Last year I got into some in the sound April 5th. They were all small but they were there!


----------



## CComfort12 (Jan 24, 2012)

When you say the sound, do you mind me asking what part? I am in Navarre, thanks


----------



## backwoods (Dec 4, 2009)

The body of water between the mainland and the island. Iam also in Navarre and that is where I got them. They were busting bait at the back of a grass flat. Caught them on a silver spoon.


----------



## Fisherdad1 (Oct 4, 2007)

Last year while prefishing for the GCKFA tourney I saw some of the biggest Spanish I have ever seen jumping ot of the water after bait in the Navarre sound. I have caught them to 5 pounds, at least one of these was bigger - like 7-8 pound range. There were several smaller, but still big one in the area too. Seemed to be chasing large glass minnows.


----------



## Caddy Yakker (May 21, 2011)

I just heard from a good source they have already got some off pensacola beach peir!


----------



## Snatch it (Feb 17, 2009)

caddy yakker said:


> i just heard from a good source they have already got some off pensacola beach peir!


 wow!


----------



## Caddy Yakker (May 21, 2011)

Yeah water temps last weekend were right at 64° two miles south of Opal beach.


----------



## hookemup (Nov 1, 2010)

Caddy Yakker said:


> I just heard from a good source they have already got some off pensacola beach peir!


 
Okaloosa and Navarre to.:yes:


----------



## devndeb (Mar 16, 2008)

We've been at least seeing Spanish at OIP fairly steady for the past 2 weeks...several landed...water temp is about 63 deg.

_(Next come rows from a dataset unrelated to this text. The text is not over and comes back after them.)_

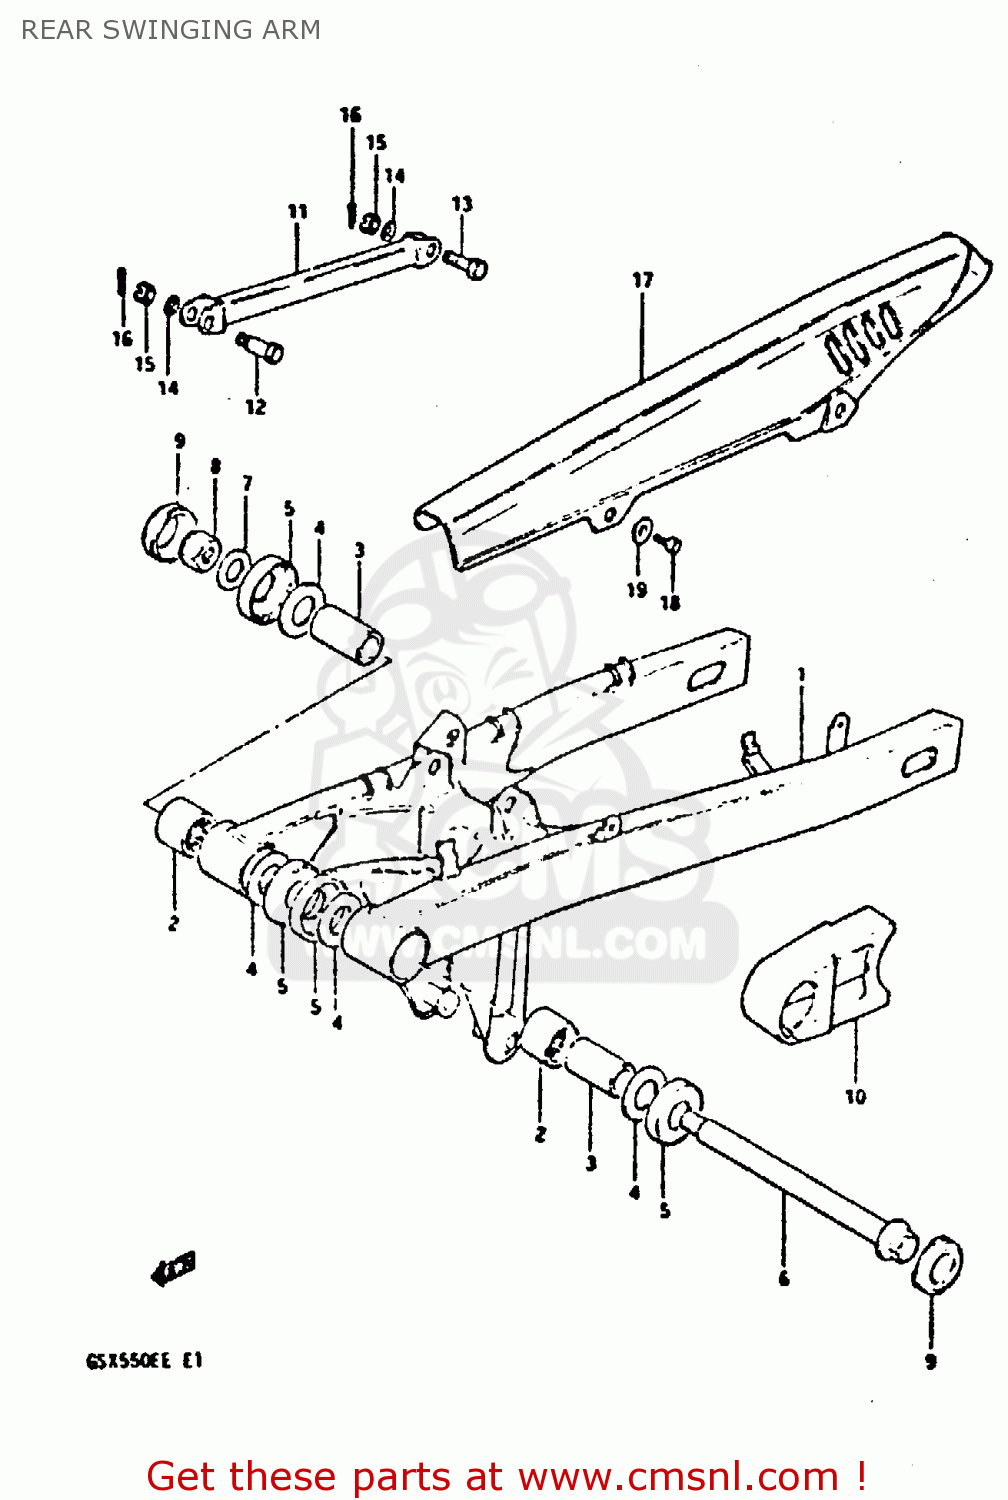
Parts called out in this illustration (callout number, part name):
1	ARM,REAR SWING
2	BEARING(25X33X30)
3	SPACER,RR SWGARM PIVOT
4	WASHER
5	COVER,RR SWGARM DUST SEAL
6	SHAFT,REAR SWING ARM
7	WASHER
8	NUT
9	CAP,SWINGINGARM PIVOT
10	BUFFER,DEFENSE
11	TORQUE LINK,REAR
12	BOLT
13	BOLT
14	WASHER
15	NUT
16	PIN 20X20
17	CASE,CHAIN
18	BOLT
19	WASHER
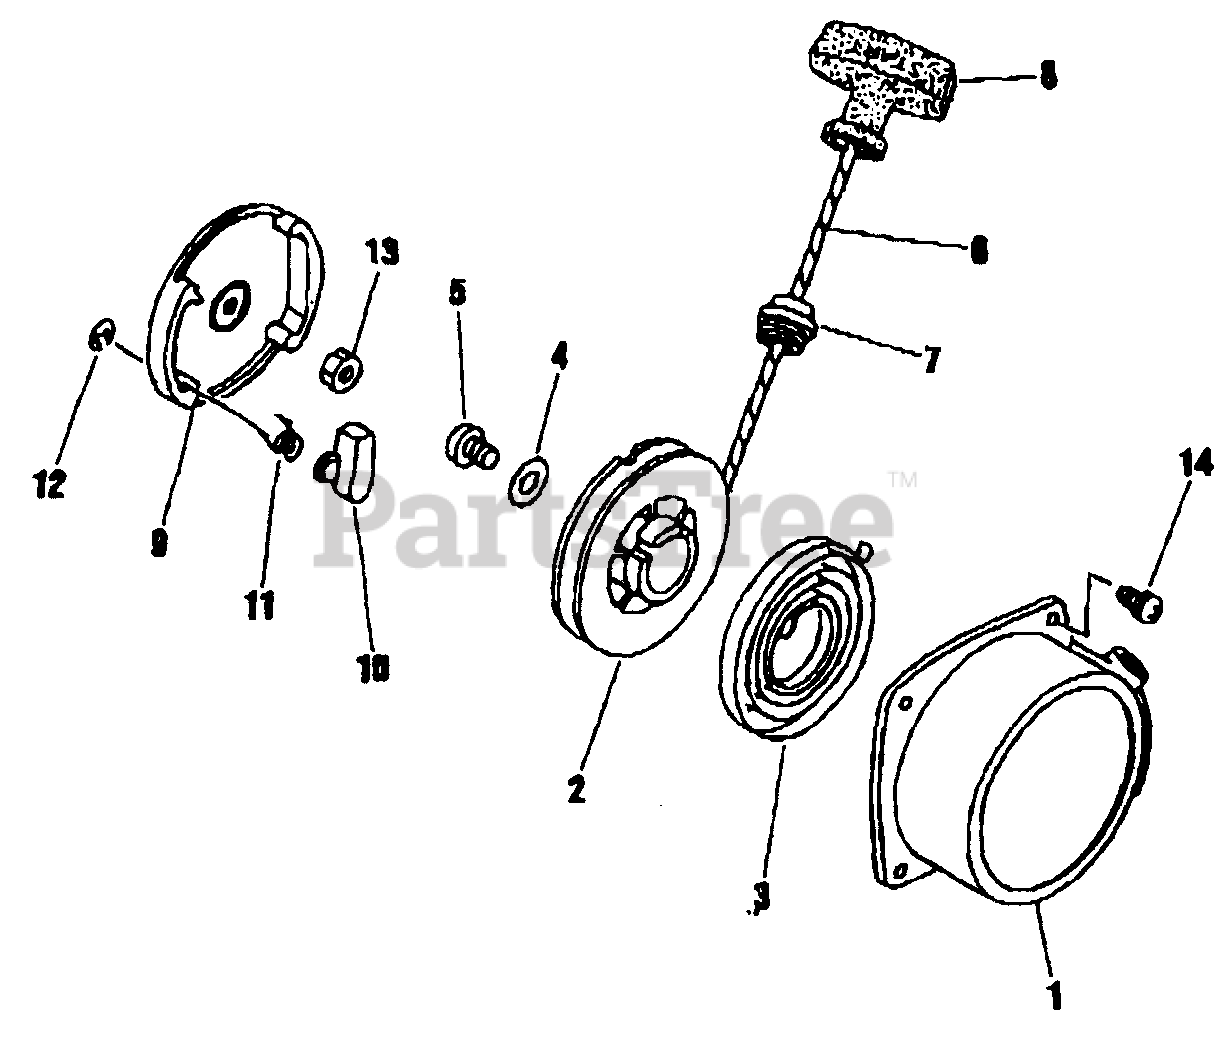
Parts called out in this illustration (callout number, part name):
1	CASE, STARTER
2	REEL, ROPE
3	SPRING, REWIND
4	WASHER
5	SCREW
6	ROPE, STARTER
7	GUIDE, ROPE
8	GRIP, STARTER
9	PULLEY
10	RATCHET
11	SPRING, RETURN
12	RING, RETAINING
13	NUT
14	SCREW - 4X12

Noting in numbers, but 20 or so a day...typically in the deeper trough water...


----------



## Yeadudeeee (Mar 5, 2011)

I saw probably 10-15 caught today off Pcola Pier
all were 12-15 inches but still early early for spanish


----------



## fishnhuntguy (Feb 8, 2012)

*When in April*

Was going to head down in April. When is the best time to try for Spanish off the piers? Which is better for spanish Pensacola or Navarre?:blink:


----------



## SouthAlabamaSlayer (Oct 13, 2011)

If you don't eat them, try the recipe for spanish on the second page of this link I posted, it will change your mind. 

http://www.pensacolafishingforum.com/f54/anybody-eat-bonita-108508/index2/

SAS


----------